(Source records)
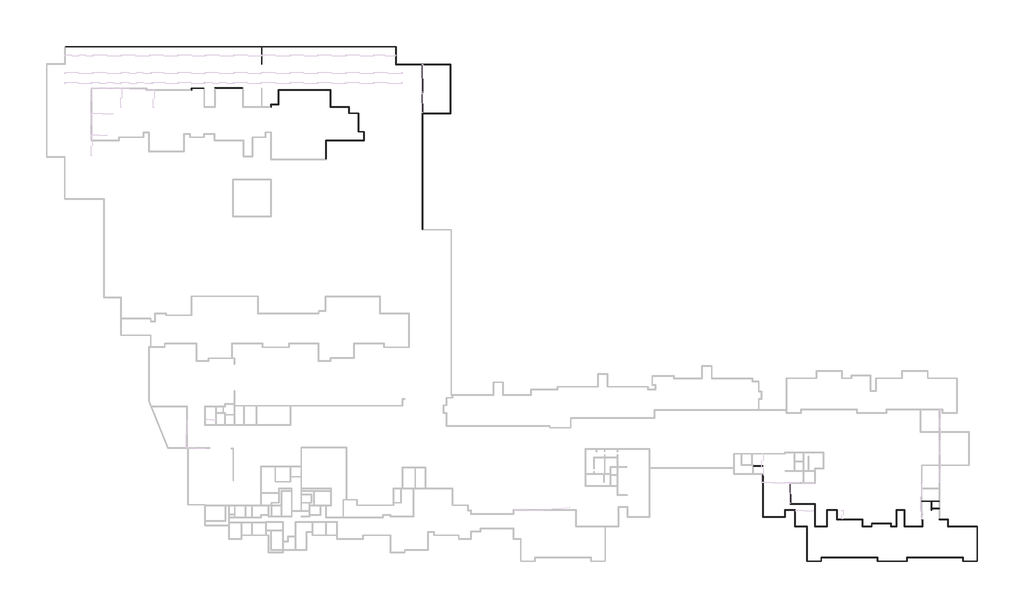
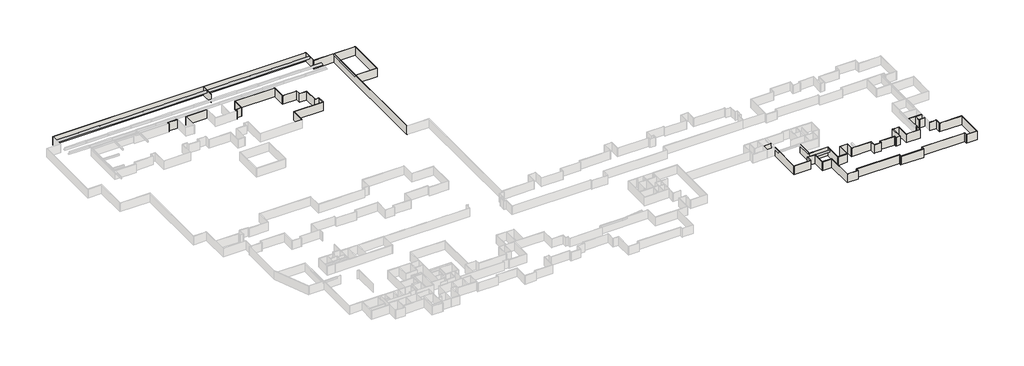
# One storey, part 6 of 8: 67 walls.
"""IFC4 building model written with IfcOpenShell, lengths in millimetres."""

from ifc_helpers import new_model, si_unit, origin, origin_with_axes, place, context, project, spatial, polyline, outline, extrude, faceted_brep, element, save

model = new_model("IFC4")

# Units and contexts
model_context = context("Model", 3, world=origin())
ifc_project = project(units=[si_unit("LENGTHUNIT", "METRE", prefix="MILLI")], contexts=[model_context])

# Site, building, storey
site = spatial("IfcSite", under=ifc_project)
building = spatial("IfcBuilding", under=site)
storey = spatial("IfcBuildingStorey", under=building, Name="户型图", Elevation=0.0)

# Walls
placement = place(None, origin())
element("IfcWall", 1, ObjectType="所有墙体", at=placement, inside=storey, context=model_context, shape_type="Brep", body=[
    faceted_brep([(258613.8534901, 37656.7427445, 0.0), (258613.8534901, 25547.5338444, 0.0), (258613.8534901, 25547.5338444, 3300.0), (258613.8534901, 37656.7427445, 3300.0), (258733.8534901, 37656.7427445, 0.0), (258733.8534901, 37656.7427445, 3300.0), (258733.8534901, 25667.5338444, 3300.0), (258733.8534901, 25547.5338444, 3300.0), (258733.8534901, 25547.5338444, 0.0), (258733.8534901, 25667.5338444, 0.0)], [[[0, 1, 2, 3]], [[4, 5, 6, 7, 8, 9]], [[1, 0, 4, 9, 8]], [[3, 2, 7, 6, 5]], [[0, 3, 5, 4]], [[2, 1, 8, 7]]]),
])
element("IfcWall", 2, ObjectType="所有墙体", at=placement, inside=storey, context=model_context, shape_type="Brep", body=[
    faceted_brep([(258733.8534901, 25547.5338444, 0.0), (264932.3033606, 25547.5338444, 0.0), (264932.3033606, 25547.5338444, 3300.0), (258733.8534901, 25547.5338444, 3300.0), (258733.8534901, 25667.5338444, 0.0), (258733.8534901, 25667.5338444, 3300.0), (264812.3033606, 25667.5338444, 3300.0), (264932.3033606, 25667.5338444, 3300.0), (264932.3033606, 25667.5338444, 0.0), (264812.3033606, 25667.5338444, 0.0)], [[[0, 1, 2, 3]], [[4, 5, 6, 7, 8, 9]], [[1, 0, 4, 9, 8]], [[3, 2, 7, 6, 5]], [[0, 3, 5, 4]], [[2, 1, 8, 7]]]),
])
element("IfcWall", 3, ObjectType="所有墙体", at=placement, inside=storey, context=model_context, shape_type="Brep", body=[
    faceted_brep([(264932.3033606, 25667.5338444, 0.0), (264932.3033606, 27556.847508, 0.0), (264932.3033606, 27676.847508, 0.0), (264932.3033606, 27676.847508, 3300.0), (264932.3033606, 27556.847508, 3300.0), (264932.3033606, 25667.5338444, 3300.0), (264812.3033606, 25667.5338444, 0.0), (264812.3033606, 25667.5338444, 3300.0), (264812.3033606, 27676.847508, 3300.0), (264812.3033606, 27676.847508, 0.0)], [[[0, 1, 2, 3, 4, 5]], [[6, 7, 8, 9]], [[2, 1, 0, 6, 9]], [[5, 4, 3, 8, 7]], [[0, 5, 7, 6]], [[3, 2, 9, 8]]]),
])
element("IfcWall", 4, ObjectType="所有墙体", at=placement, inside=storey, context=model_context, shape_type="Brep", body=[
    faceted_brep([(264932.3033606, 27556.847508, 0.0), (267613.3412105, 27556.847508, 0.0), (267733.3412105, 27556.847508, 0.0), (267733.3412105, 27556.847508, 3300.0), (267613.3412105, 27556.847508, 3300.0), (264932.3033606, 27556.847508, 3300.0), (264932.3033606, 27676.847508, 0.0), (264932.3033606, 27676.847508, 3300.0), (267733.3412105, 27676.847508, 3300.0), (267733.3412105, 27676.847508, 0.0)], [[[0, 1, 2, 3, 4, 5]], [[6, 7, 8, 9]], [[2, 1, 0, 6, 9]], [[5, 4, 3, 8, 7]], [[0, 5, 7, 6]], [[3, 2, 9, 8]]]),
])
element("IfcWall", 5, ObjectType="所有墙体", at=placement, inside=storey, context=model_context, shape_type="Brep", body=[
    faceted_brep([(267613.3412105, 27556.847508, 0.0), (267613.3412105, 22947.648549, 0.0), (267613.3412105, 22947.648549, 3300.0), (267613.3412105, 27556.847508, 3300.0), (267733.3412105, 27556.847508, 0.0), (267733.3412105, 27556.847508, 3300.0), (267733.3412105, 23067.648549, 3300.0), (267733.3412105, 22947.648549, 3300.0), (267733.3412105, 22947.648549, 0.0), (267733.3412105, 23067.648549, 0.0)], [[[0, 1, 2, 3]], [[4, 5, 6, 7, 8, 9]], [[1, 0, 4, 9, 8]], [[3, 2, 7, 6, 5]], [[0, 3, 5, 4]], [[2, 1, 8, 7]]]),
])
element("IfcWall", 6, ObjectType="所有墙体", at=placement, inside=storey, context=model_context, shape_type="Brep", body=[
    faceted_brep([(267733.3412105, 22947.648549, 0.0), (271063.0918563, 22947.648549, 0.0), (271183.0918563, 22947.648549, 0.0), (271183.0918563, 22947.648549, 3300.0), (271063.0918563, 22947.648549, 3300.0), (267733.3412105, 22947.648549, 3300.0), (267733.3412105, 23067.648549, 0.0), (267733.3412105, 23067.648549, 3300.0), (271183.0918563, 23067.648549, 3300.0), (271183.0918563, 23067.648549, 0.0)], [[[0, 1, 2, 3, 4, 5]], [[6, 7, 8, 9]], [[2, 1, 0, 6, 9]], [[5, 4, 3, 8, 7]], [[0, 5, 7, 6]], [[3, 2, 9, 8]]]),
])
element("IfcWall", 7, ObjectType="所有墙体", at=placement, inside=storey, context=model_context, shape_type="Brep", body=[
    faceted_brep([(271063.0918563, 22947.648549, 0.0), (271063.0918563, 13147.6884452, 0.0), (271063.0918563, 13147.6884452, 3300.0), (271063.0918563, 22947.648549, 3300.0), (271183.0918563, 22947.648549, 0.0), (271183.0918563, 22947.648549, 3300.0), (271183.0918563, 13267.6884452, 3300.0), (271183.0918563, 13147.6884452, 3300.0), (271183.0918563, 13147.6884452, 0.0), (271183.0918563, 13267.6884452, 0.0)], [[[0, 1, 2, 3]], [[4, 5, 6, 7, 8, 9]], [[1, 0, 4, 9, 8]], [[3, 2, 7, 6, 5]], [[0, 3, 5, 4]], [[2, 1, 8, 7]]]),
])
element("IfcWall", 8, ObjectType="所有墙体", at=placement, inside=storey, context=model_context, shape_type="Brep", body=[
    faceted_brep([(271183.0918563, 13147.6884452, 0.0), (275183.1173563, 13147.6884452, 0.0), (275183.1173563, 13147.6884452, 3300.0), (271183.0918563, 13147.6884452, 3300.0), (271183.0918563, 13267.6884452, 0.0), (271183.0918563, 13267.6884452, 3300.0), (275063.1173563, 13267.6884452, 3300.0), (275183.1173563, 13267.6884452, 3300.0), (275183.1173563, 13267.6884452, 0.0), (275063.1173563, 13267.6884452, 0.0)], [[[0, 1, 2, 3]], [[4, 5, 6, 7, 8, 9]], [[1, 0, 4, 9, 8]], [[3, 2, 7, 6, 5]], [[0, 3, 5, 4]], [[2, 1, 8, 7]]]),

Directions for this task: The lines that contain the word "origin" are wanted; copy each of them from the records.

Output of the task:
from ifc_helpers import new_model, si_unit, origin, origin_with_axes, place, context, project, spatial, polyline, outline, extrude, faceted_brep, element, save
model_context = context("Model", 3, world=origin())
placement = place(None, origin())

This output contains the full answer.